§ **Listed entries**
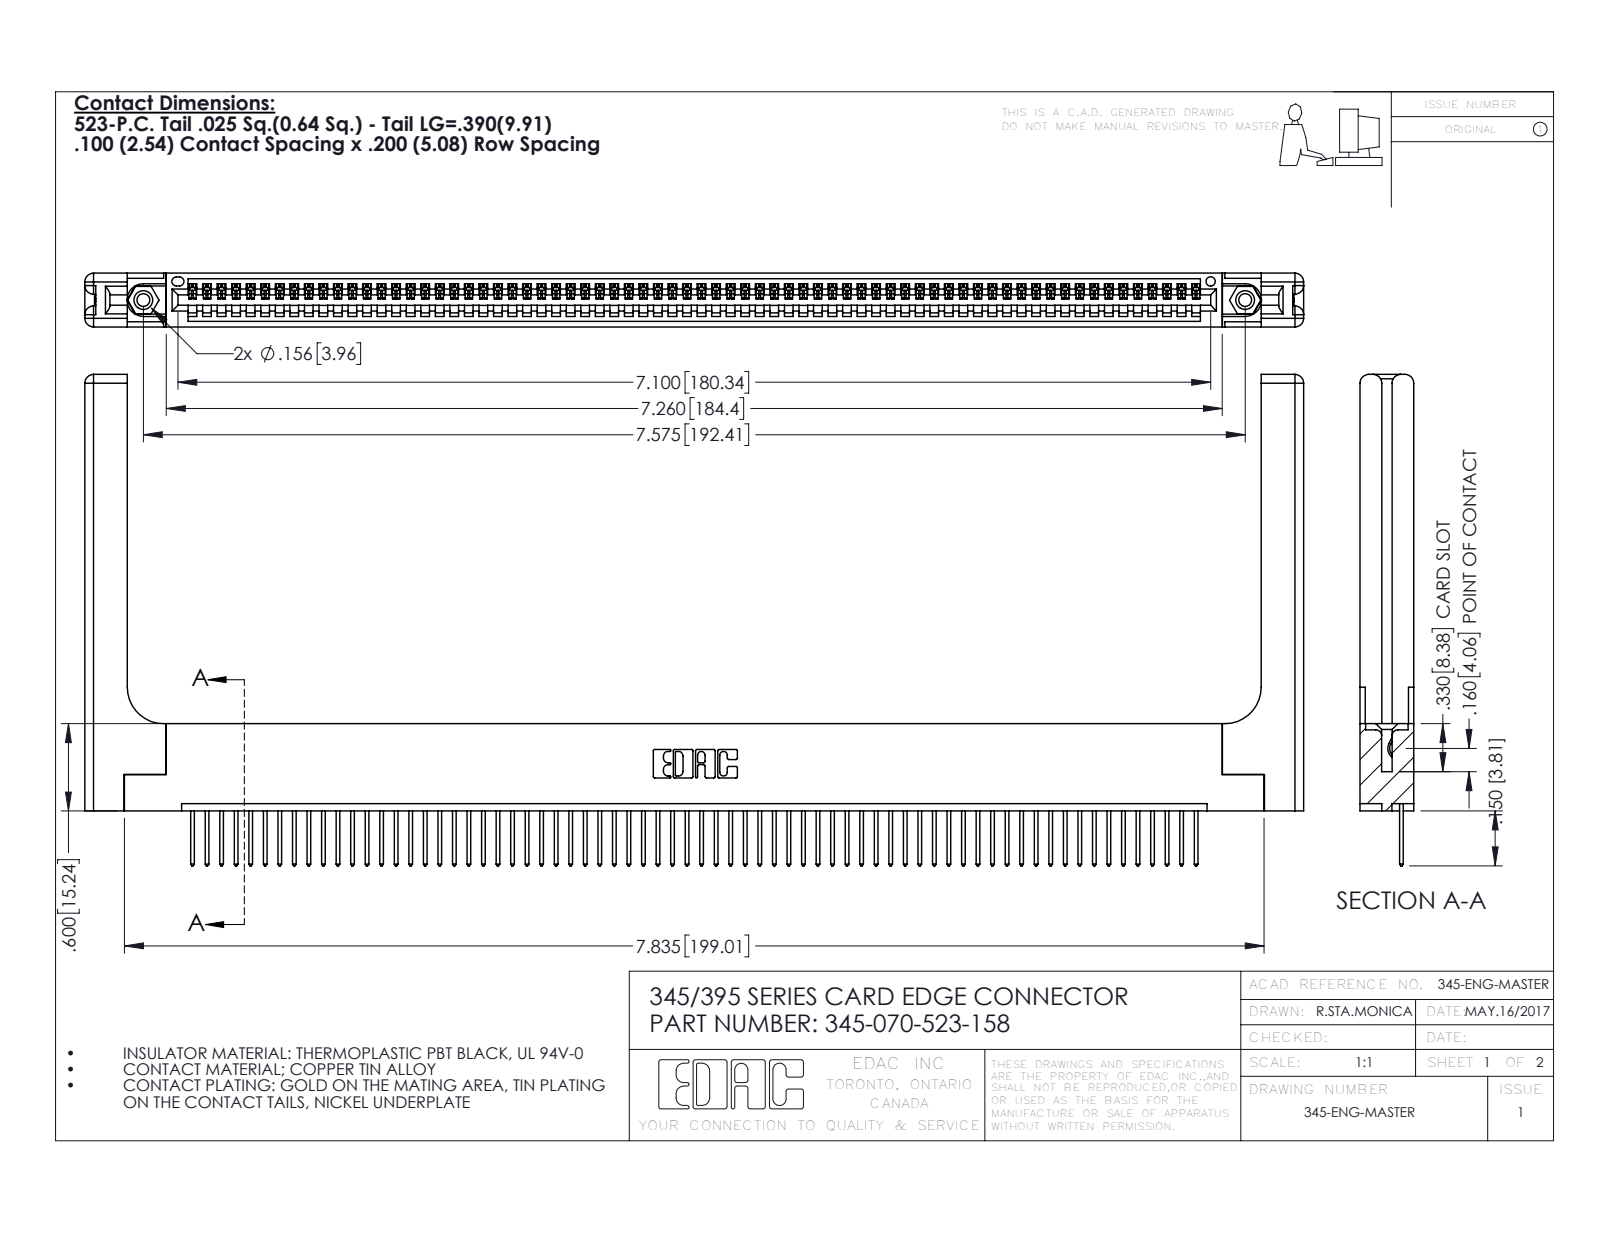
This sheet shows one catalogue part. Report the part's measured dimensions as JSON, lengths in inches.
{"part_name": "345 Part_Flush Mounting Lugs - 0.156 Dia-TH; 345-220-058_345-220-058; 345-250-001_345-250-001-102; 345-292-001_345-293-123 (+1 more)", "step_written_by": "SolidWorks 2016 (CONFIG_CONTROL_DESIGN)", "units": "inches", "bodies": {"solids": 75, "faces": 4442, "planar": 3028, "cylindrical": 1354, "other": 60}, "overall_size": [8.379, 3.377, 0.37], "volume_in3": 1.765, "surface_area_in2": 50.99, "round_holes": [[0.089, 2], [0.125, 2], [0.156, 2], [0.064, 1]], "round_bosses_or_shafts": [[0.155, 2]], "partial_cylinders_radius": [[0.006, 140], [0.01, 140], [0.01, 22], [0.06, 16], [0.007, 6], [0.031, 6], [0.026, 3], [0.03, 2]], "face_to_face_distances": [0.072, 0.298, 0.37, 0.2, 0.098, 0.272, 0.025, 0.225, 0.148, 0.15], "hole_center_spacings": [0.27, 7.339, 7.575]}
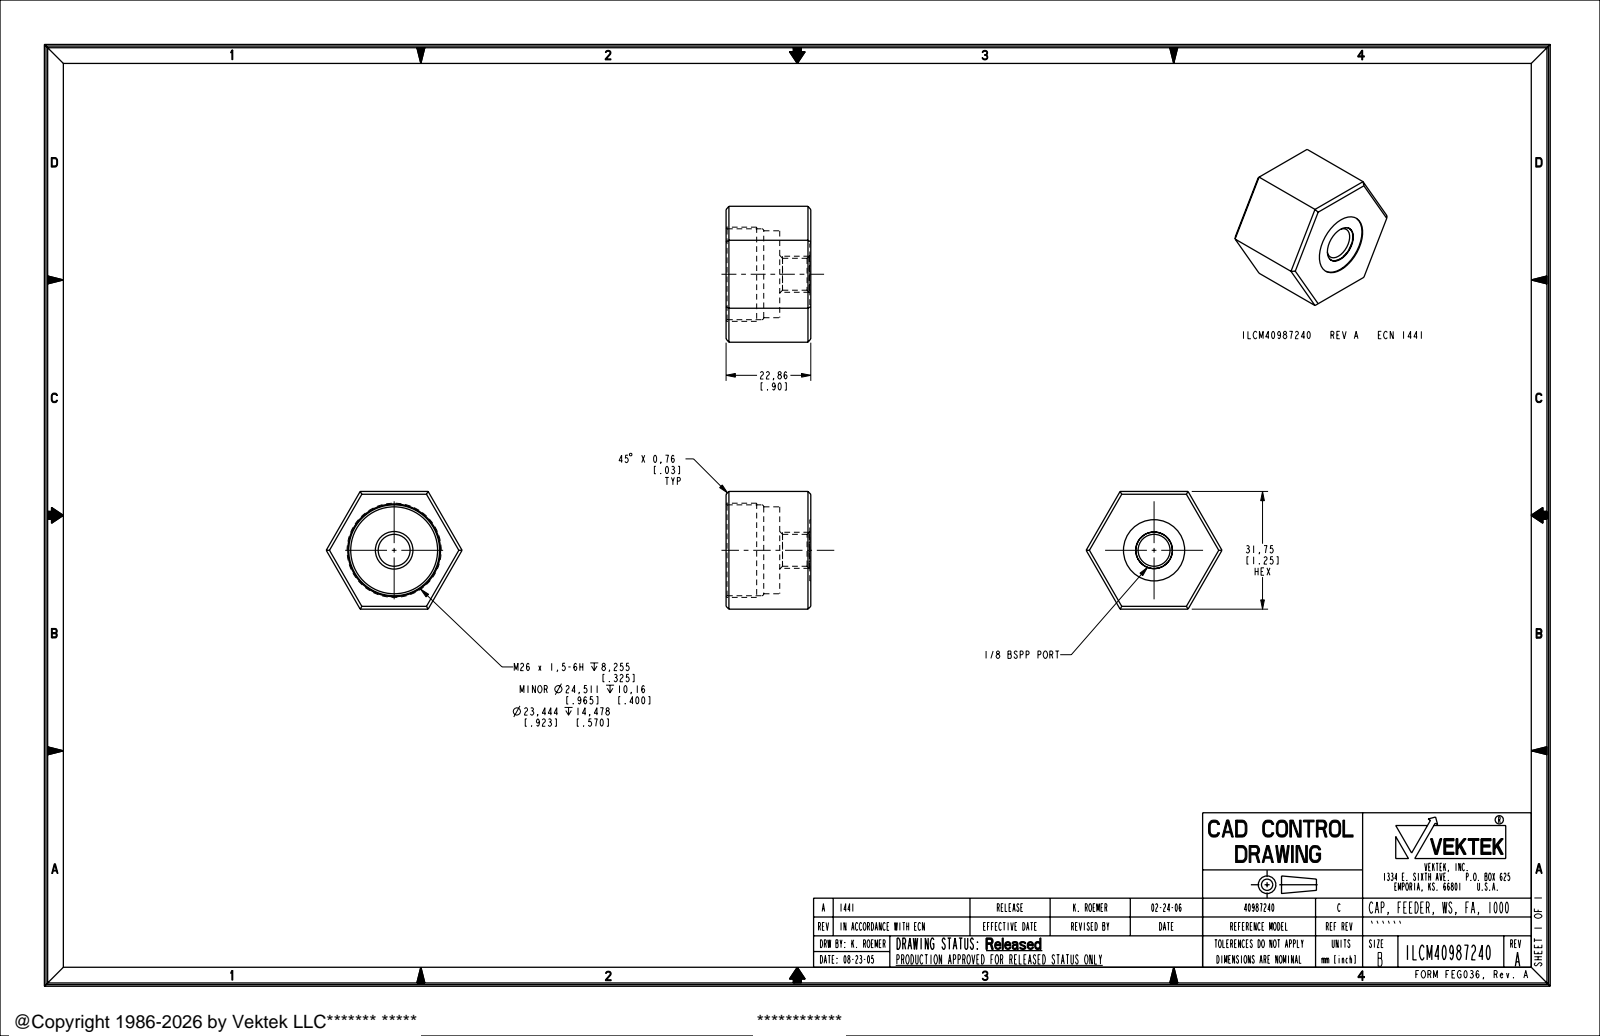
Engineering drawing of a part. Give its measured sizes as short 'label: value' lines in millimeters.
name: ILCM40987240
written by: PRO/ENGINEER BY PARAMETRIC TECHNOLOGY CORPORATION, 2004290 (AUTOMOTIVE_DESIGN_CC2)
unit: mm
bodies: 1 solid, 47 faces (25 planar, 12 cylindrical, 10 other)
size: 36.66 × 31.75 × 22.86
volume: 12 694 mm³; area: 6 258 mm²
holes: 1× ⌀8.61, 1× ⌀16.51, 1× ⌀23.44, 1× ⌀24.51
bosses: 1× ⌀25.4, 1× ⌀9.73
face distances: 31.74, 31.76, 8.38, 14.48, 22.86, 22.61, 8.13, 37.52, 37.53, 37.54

---

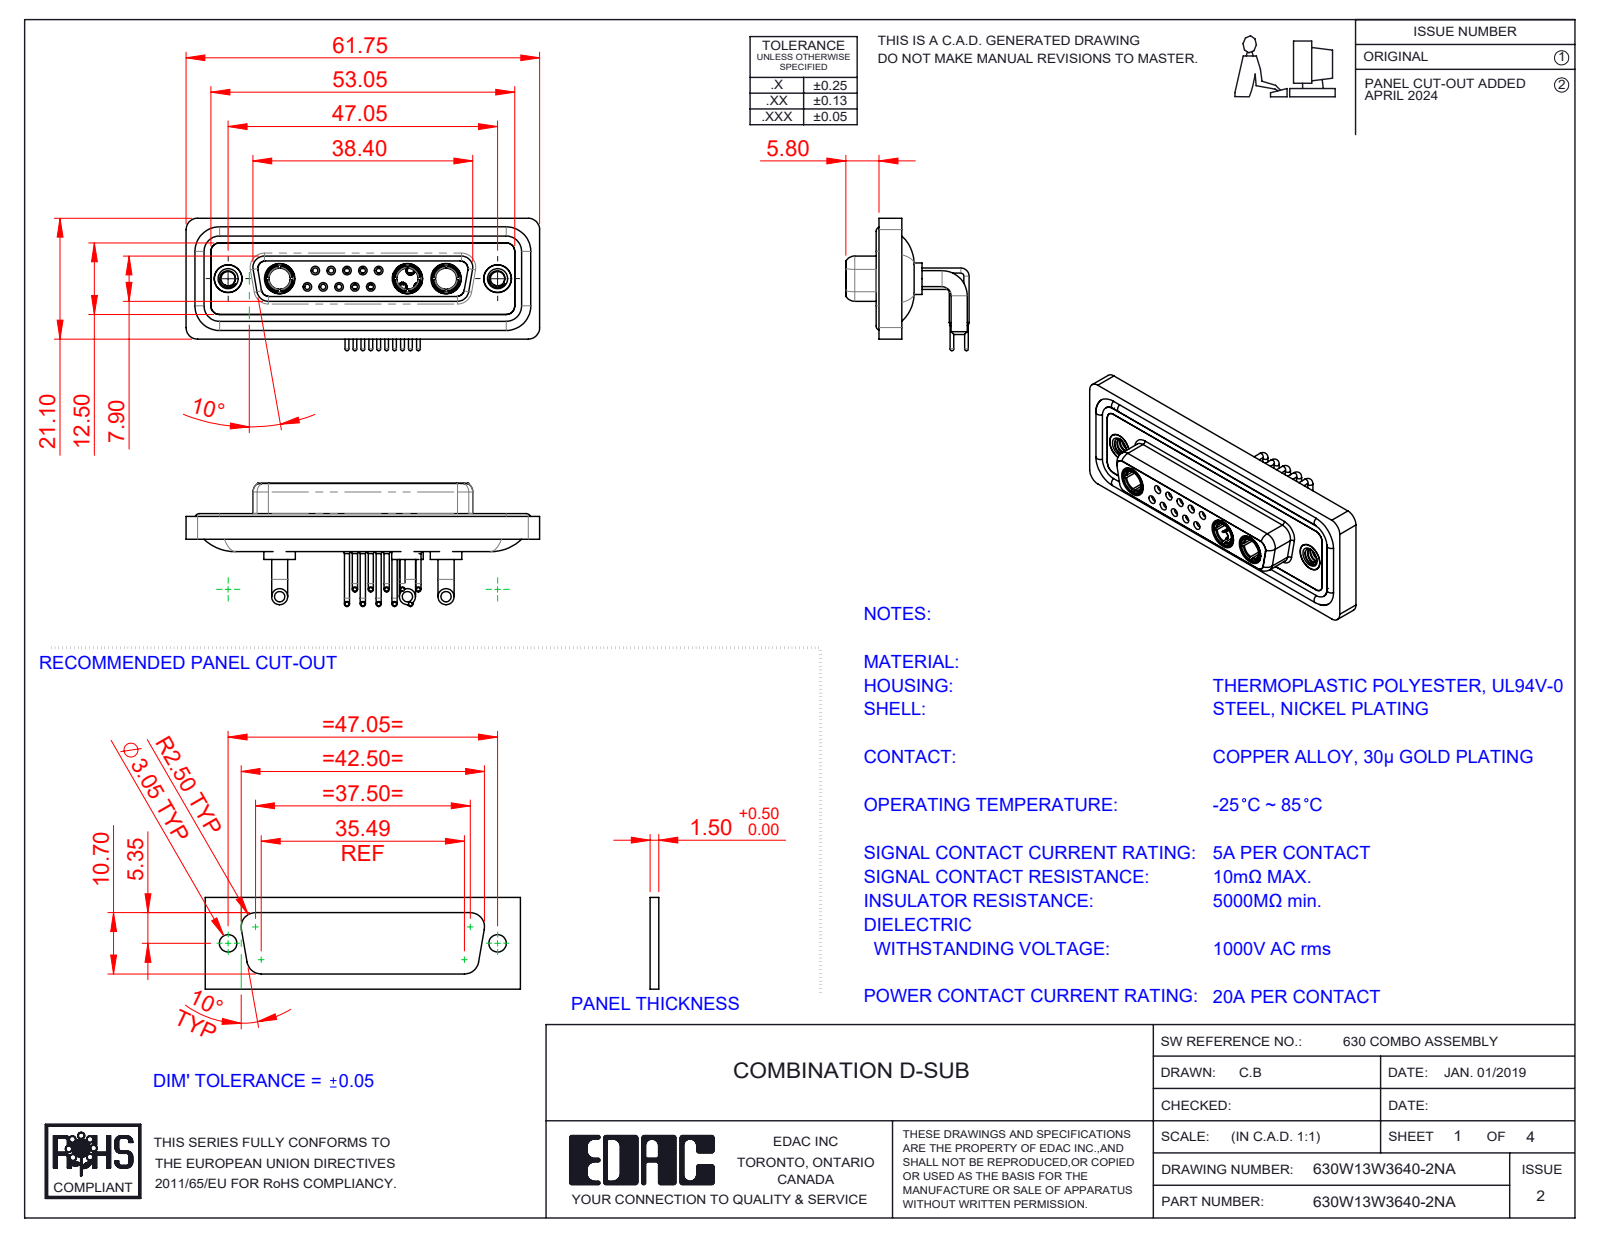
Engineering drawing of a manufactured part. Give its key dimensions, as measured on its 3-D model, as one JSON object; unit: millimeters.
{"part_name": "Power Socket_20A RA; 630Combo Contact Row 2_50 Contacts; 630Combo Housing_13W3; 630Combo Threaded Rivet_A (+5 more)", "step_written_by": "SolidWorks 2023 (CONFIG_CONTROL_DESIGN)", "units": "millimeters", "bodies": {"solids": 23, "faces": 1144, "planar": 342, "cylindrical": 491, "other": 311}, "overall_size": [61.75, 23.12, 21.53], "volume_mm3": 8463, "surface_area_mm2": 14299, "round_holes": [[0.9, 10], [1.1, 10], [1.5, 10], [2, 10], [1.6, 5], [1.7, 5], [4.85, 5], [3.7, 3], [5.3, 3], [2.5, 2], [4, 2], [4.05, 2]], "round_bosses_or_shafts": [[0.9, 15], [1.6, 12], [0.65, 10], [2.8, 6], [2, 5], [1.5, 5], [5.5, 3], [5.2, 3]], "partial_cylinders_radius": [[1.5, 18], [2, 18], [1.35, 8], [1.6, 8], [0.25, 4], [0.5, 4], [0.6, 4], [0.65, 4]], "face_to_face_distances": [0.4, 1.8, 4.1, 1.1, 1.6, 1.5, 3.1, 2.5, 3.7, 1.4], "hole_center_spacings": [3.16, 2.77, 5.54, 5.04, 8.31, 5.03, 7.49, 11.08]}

--

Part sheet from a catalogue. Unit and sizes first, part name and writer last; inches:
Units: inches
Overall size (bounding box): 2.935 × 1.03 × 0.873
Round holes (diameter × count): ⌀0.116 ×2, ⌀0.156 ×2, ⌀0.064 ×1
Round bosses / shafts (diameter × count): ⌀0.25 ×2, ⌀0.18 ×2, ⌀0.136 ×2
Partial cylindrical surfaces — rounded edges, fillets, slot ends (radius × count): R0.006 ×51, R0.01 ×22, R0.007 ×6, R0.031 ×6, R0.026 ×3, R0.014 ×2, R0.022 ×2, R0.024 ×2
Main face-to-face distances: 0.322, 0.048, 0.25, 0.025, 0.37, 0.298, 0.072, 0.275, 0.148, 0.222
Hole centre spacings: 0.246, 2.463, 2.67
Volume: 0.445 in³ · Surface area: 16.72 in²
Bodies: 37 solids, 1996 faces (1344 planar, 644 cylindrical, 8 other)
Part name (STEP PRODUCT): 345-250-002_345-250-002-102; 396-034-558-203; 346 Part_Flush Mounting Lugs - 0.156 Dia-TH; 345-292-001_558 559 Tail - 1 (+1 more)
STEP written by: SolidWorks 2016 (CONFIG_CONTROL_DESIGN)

§ **Task statement**
Which lines in the listing above include the string "measured"? Copy each of them.

§ **Response to this exercise**
This sheet shows one catalogue part. Report the part's measured dimensions as JSON, lengths in inches.
Engineering drawing of a part. Give its measured sizes as short 'label: value' lines in millimeters.
Engineering drawing of a manufactured part. Give its key dimensions, as measured on its 3-D model, as one JSON object; unit: millimeters.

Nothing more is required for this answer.